Polytomous Rasch would be a great choice when the latent space is fundamentally unobservable. For instance, if I were asking Mechanical Turk to rate people's attractiveness, I wouldn't care much about the magnitudes of the latent variables $\beta_j$, only their relative order, deciles, etc. After all there is no objective sense in which someone is actually a 7''. However in my case there is an actual true age associated with the subject of each photo and using polytomous Rasch directly would leave me with the problem of relating the scalar latent value $\beta_j$ to the true age bucket $Z_j$ (which so far does not appear in the likelihood term at all). To circumvent this problem I'll force the relationship between the two, $\beta_j = \alpha_j Z_j$, where $\alpha_j > 0$ is a per-image scaling parameter.
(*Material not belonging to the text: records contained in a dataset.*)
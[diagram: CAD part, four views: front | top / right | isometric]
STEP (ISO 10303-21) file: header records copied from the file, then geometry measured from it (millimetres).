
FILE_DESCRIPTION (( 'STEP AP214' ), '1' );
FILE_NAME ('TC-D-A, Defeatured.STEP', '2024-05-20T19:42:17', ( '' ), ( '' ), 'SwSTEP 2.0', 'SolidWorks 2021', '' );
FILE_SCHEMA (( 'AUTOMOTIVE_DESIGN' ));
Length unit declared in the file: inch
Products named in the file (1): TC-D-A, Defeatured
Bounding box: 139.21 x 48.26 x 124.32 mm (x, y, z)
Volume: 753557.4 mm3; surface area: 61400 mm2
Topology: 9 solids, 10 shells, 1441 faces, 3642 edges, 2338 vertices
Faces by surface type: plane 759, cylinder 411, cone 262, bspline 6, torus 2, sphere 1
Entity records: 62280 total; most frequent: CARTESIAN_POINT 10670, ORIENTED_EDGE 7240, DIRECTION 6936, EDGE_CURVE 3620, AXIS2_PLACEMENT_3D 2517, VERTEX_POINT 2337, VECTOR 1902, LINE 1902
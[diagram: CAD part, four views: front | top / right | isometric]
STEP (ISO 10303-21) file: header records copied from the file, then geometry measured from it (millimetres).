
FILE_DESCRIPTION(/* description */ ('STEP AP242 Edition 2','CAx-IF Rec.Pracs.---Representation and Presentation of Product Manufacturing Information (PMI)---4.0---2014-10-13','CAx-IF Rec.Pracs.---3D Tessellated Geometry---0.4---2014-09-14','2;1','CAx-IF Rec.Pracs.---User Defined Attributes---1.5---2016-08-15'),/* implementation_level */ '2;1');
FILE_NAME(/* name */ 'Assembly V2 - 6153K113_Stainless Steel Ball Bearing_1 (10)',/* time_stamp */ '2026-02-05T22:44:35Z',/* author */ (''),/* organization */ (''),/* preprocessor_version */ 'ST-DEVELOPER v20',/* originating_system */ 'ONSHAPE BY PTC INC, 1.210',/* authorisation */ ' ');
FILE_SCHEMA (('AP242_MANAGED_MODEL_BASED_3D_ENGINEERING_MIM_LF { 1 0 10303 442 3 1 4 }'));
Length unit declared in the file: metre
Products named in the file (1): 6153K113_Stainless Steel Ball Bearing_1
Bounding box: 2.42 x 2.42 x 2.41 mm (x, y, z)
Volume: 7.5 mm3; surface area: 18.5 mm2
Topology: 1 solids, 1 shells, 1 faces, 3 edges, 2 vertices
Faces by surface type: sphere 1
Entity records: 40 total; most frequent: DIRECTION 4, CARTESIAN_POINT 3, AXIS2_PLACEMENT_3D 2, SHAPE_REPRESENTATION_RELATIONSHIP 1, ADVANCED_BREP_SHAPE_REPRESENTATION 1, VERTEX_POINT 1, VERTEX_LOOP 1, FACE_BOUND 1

I'll scale the $\tau$ by the same $\alpha_j$ to ease the prior specification, in which case $\alpha_j$ is essentially an image difficulty parameter. Now my label likelihood is given by \begin{aligned} P (L_{ij} = l > 0 | Z_j, \alpha_j, \tau_i) &= \frac{\exp \left( \sum_{k=1}^l \alpha_j (Z_j - \tau_{ik}) \right)}{1 + \sum_{x=1}^{|K|} \exp \left( \sum_{k=1}^x \alpha_j (Z_j - \tau_{ik}) \right)}, \\ P (L_{ij} = l = 0 | Z_j, \alpha_j, \tau_i) &= \frac{1}{1 + \sum_{x=1}^{|K|} \exp \left( \sum_{k=1}^x \alpha_j (Z_j - \tau_{ik}) \right)}. \end{aligned} Now I can reuse the same strategies from nominallabelextract, optimizing $Z_j$ in an E step and
the other parameters in an M step. I'll also introduce a hyperprior over $\tau$ and $\alpha$ for reasons analogous to the nominal case. The complete model looks like this: \begin{aligned} \gamma_k &\sim N (k - \frac{1}{2}, 1), \\ \tau_{ik}&\sim N (\gamma_k, 1), \\ \kappa &\sim N (1, 1), \\ \log \alpha_j &\sim N (\kappa, 1), \\ P (L_{ij} = l | Z_j, \alpha_j, \tau_i) &\propto \exp \left(\sum_{k=1}^l \alpha_j (Z_j - \tau_{ik}) \right). \end{aligned} The $1/2$ in the prior term is because the thresholds are where the probability of label emission is equal between $(k - 1)$ and $k$.

It is interesting to compare the number of parameters in the model I use to extract nominal labels versus this model for ordinal labels. If there are $|I|$ raters, $|J|$ images, and $|K|$ labels, the nominal model has $O (|I| |K^2| + |J|)$ parameters, whereas the ordinal model has $O (|I| |K| + |J|)$ parameters. The reduction in parameters is due to the assumption that the total ordering of the answers is salient to the raters and affects the likely errors that they make.

There is one remaining issue that I have not resolved to my satisfaction. In any data set there is always garbage, so I like to give Mechanical Turkers an "I don't know" option. When modeling the label emission as nominal, this is just another answer, but when modeling the labels as ordinal this is a problem because this answer cannot be compared to the other answers. I suspect there is a way to extend the above model so that the label space has an additional label which does not participate in the ordering, but for now I'm just discarding any ratings where the worker selects "I don't know". If every worker says "I don't know" I'll end up with the prior distribution on labels for that image, and if some number of workers says "I don't know" that should cause the posterior distribution of labels to be closer to the prior for that image, so I think this is reasonable, but I'll see when I try to use the labels for training a classifier.

I'm implemented the above model as ordinallabelextract in the nincompoop project.